Using the listing below, print exactly everything from the line with "#983 = DIRECTION" down to the line with "#1251 = VECTOR ( 'NONE', #526, 1000. ) ;", both included, and nothing more.
──────── DATA SHOWN
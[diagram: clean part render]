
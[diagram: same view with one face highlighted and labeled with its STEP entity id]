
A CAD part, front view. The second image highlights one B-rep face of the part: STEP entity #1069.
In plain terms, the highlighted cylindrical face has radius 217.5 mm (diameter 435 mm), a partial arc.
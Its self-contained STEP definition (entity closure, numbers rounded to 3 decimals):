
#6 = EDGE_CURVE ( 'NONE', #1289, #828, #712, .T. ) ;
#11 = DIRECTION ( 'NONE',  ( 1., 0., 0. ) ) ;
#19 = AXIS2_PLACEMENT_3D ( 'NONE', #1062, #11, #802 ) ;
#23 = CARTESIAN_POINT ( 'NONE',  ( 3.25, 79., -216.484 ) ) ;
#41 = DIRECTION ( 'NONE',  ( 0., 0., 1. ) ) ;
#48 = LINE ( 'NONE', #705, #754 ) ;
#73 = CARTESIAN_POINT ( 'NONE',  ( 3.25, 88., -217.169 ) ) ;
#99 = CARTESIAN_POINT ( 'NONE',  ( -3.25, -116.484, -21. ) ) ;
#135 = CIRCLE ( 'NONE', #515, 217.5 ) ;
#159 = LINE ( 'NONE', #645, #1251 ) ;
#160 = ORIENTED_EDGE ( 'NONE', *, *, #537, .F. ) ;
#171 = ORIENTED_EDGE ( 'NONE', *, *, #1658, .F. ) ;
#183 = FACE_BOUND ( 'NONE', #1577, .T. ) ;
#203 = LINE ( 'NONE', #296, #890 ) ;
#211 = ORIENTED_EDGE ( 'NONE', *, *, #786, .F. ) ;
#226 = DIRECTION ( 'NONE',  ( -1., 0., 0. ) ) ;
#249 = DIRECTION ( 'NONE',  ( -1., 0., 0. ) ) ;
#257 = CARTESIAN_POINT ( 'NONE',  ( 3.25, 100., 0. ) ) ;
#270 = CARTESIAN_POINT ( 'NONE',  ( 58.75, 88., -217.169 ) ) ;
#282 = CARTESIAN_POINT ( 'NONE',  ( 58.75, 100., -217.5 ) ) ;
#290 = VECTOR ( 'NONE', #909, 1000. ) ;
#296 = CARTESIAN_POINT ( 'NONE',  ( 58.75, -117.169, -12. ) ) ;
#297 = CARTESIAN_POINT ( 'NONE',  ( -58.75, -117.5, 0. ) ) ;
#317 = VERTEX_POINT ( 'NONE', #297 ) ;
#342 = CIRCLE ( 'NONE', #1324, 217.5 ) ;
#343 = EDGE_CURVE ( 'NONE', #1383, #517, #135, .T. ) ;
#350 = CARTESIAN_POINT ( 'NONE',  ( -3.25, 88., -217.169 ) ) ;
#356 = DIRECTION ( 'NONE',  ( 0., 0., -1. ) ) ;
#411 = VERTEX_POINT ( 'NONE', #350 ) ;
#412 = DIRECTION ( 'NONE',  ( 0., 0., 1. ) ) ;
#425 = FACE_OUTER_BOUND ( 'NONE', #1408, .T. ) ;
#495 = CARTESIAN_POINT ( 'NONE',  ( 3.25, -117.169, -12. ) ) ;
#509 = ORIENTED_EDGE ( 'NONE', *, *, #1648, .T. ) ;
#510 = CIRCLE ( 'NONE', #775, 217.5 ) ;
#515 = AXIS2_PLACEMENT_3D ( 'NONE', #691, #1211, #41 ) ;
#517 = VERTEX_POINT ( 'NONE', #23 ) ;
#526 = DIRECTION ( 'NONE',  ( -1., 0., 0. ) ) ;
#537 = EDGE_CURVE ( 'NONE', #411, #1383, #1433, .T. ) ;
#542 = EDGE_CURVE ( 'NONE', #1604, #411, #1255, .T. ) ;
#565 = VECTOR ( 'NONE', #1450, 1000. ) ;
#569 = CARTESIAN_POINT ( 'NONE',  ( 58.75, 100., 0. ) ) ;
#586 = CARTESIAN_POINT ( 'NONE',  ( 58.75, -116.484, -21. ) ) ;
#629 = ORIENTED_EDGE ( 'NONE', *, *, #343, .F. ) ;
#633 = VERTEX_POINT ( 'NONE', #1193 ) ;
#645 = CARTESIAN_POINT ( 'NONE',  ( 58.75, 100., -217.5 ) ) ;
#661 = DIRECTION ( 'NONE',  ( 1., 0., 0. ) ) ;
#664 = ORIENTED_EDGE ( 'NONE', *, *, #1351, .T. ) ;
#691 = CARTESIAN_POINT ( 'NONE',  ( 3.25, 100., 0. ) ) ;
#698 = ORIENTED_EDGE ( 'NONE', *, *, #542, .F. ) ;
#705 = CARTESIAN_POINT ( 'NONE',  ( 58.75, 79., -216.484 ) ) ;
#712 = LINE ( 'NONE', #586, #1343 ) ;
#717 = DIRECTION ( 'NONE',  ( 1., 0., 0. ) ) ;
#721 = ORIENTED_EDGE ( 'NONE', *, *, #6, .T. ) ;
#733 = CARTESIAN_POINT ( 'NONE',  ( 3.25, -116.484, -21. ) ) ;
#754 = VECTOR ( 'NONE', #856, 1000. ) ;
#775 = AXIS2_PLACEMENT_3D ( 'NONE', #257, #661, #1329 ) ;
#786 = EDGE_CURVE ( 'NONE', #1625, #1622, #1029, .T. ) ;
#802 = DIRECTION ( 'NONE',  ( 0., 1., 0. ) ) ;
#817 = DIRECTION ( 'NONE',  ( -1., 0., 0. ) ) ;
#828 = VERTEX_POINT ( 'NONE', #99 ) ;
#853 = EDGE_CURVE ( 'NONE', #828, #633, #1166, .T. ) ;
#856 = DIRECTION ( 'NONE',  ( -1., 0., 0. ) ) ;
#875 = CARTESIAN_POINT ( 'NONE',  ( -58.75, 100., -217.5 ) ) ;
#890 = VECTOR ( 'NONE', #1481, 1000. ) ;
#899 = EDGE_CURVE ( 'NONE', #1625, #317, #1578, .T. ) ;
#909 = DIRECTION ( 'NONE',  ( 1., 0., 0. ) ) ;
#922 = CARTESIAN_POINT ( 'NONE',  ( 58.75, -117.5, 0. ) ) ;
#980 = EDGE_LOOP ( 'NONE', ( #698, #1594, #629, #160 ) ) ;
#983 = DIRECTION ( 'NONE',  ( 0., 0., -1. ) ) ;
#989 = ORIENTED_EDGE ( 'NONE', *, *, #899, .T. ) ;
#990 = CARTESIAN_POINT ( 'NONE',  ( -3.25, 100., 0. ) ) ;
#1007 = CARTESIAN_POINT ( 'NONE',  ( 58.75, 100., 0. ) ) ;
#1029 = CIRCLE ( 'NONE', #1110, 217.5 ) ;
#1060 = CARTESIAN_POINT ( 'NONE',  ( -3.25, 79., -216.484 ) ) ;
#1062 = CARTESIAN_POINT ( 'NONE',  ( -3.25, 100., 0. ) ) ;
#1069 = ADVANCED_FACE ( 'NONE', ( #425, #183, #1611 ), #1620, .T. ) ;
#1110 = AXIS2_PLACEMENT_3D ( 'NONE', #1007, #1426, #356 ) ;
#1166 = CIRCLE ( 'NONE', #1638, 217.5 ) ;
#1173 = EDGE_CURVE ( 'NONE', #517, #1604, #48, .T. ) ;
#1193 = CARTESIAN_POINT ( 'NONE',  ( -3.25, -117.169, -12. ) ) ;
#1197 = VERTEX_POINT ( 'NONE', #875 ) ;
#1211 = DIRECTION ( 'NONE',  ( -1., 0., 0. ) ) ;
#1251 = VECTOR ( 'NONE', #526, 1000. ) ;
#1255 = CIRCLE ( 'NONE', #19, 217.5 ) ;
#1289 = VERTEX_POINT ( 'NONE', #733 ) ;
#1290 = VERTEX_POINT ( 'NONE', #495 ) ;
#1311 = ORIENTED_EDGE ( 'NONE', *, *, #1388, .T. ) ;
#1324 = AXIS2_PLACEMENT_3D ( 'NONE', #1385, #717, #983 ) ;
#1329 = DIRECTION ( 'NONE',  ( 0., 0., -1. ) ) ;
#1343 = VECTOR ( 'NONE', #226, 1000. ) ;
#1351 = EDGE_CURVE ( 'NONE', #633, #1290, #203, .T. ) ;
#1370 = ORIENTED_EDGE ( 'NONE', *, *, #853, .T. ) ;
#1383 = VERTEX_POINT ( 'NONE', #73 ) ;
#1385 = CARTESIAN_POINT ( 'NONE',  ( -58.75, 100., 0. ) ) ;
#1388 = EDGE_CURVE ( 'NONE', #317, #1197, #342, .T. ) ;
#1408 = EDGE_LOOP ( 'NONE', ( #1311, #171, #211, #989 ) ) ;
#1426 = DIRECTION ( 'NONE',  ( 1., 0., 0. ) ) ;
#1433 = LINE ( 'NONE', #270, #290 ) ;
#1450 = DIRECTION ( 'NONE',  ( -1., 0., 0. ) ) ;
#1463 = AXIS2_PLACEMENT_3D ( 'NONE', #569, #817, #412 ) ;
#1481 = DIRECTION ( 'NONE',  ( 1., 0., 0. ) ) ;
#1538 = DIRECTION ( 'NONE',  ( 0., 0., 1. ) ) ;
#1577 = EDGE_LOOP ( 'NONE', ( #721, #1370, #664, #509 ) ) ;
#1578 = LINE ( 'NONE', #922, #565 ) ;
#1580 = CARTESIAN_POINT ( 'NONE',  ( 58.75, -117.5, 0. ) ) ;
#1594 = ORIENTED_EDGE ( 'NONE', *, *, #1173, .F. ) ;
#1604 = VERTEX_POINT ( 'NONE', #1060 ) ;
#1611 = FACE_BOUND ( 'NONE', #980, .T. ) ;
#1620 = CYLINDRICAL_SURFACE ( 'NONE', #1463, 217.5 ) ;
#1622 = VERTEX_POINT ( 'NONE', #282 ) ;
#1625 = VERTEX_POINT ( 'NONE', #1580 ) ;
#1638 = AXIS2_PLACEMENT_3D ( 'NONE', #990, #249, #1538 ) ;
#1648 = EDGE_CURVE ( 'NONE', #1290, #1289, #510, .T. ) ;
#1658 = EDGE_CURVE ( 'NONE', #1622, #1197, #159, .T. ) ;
────────────────
> **EXERCISE SOLUTION**:
#983 = DIRECTION ( 'NONE',  ( 0., 0., -1. ) ) ;
#989 = ORIENTED_EDGE ( 'NONE', *, *, #899, .T. ) ;
#990 = CARTESIAN_POINT ( 'NONE',  ( -3.25, 100., 0. ) ) ;
#1007 = CARTESIAN_POINT ( 'NONE',  ( 58.75, 100., 0. ) ) ;
#1029 = CIRCLE ( 'NONE', #1110, 217.5 ) ;
#1060 = CARTESIAN_POINT ( 'NONE',  ( -3.25, 79., -216.484 ) ) ;
#1062 = CARTESIAN_POINT ( 'NONE',  ( -3.25, 100., 0. ) ) ;
#1069 = ADVANCED_FACE ( 'NONE', ( #425, #183, #1611 ), #1620, .T. ) ;
#1110 = AXIS2_PLACEMENT_3D ( 'NONE', #1007, #1426, #356 ) ;
#1166 = CIRCLE ( 'NONE', #1638, 217.5 ) ;
#1173 = EDGE_CURVE ( 'NONE', #517, #1604, #48, .T. ) ;
#1193 = CARTESIAN_POINT ( 'NONE',  ( -3.25, -117.169, -12. ) ) ;
#1197 = VERTEX_POINT ( 'NONE', #875 ) ;
#1211 = DIRECTION ( 'NONE',  ( -1., 0., 0. ) ) ;
#1251 = VECTOR ( 'NONE', #526, 1000. ) ;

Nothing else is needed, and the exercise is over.